The task: When you reach the line containing "#104591 = DIRECTION" in the entries below, start writing out each line exactly, and stop after the line containing "Faces by surface type: plane 520, cylinder".

====== Supplied information ======

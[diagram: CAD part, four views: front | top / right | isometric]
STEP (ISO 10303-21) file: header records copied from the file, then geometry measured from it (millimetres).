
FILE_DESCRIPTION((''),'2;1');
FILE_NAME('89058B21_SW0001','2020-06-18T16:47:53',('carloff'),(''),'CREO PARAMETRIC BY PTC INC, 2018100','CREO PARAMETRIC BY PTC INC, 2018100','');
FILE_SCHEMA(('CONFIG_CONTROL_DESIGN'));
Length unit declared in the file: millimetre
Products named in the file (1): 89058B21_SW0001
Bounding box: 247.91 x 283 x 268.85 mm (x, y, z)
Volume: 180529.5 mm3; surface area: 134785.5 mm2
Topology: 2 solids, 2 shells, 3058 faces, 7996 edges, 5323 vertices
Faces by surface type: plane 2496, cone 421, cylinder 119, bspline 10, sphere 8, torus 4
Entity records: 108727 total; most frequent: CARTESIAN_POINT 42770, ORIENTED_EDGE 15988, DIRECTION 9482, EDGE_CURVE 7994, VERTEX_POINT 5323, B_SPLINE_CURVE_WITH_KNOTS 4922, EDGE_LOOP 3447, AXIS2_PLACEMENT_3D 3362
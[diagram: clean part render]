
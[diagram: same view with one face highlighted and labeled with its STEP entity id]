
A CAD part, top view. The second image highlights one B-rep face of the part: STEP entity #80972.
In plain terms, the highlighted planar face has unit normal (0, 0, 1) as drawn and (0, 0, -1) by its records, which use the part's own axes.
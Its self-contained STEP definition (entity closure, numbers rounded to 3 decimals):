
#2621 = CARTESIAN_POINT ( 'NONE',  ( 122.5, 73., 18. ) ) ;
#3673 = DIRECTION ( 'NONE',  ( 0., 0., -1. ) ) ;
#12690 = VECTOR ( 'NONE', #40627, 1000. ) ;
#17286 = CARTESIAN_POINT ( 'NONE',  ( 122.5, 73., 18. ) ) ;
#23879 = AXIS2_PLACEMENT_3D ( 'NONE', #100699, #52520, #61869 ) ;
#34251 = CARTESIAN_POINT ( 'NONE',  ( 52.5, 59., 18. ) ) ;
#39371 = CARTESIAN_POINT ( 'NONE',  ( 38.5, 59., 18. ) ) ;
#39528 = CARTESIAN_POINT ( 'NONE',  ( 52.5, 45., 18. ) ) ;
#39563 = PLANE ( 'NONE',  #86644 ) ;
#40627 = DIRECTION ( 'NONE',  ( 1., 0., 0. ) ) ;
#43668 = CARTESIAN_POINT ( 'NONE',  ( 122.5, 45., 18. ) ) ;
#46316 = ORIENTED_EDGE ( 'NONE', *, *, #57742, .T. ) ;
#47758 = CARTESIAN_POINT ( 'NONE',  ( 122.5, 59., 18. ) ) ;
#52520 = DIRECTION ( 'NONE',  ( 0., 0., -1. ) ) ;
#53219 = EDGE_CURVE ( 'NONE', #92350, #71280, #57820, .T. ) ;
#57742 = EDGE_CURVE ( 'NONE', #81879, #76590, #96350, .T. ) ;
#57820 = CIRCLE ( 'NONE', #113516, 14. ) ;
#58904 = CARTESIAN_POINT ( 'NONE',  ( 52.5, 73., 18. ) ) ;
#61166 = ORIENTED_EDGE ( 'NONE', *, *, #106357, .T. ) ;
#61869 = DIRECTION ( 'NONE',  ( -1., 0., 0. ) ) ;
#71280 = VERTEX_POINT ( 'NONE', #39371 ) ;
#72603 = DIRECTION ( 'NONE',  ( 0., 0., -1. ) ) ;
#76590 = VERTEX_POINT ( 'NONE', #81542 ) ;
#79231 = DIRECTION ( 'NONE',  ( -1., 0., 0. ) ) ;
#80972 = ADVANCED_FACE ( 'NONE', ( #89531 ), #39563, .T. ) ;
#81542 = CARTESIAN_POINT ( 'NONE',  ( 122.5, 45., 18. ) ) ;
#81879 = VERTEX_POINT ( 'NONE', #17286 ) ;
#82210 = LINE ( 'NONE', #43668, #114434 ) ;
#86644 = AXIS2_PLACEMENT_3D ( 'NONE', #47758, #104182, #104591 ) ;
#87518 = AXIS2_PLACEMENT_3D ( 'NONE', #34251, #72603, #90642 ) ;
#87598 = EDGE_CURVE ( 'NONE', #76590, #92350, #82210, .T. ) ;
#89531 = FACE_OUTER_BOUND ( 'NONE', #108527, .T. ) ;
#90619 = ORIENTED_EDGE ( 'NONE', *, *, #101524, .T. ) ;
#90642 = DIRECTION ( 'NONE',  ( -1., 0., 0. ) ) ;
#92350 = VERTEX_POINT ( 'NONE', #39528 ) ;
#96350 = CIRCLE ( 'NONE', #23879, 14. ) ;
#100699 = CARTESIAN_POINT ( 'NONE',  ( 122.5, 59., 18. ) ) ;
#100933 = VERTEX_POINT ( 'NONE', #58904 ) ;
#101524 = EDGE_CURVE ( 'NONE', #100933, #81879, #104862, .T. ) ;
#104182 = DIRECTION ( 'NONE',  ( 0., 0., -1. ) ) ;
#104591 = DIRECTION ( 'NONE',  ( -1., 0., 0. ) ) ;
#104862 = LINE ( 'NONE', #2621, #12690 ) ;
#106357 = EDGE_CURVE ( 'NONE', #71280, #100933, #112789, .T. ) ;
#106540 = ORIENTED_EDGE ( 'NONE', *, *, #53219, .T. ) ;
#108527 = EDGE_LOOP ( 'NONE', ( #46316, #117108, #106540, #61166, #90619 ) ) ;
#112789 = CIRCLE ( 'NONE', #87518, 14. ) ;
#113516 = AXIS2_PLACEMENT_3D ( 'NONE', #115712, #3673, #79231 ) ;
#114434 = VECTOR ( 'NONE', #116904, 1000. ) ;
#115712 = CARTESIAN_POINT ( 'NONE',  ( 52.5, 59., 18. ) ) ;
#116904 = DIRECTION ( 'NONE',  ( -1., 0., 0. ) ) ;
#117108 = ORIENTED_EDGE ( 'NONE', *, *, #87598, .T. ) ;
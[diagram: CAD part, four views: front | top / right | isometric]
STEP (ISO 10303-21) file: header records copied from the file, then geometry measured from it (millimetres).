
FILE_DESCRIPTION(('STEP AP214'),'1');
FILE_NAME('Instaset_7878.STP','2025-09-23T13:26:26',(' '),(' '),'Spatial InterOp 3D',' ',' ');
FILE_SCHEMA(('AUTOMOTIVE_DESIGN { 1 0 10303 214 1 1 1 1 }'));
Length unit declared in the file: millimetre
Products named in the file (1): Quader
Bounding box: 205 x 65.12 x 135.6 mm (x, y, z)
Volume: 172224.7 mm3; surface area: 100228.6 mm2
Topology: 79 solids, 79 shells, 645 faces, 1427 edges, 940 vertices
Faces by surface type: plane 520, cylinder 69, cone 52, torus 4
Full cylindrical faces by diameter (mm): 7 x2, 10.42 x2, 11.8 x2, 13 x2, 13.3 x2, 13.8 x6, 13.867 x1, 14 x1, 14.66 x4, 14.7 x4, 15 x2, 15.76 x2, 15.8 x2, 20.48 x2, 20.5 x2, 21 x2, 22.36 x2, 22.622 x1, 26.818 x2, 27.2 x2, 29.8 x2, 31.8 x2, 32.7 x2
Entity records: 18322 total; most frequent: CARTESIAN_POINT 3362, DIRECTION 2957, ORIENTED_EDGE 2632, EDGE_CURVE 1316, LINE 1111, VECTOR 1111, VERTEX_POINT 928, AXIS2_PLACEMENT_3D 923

======

Solved exercise:
#104591 = DIRECTION ( 'NONE',  ( -1., 0., 0. ) ) ;
#104862 = LINE ( 'NONE', #2621, #12690 ) ;
#106357 = EDGE_CURVE ( 'NONE', #71280, #100933, #112789, .T. ) ;
#106540 = ORIENTED_EDGE ( 'NONE', *, *, #53219, .T. ) ;
#108527 = EDGE_LOOP ( 'NONE', ( #46316, #117108, #106540, #61166, #90619 ) ) ;
#112789 = CIRCLE ( 'NONE', #87518, 14. ) ;
#113516 = AXIS2_PLACEMENT_3D ( 'NONE', #115712, #3673, #79231 ) ;
#114434 = VECTOR ( 'NONE', #116904, 1000. ) ;
#115712 = CARTESIAN_POINT ( 'NONE',  ( 52.5, 59., 18. ) ) ;
#116904 = DIRECTION ( 'NONE',  ( -1., 0., 0. ) ) ;
#117108 = ORIENTED_EDGE ( 'NONE', *, *, #87598, .T. ) ;
[diagram: CAD part, four views: front | top / right | isometric]
STEP (ISO 10303-21) file: header records copied from the file, then geometry measured from it (millimetres).
FILE_DESCRIPTION(('STEP AP214'),'1');
FILE_NAME('Instaset_7878.STP','2025-09-23T13:26:26',(' '),(' '),'Spatial InterOp 3D',' ',' ');
FILE_SCHEMA(('AUTOMOTIVE_DESIGN { 1 0 10303 214 1 1 1 1 }'));
Length unit declared in the file: millimetre
Products named in the file (1): Quader
Bounding box: 205 x 65.12 x 135.6 mm (x, y, z)
Volume: 172224.7 mm3; surface area: 100228.6 mm2
Topology: 79 solids, 79 shells, 645 faces, 1427 edges, 940 vertices
Faces by surface type: plane 520, cylinder 69, cone 52, torus 4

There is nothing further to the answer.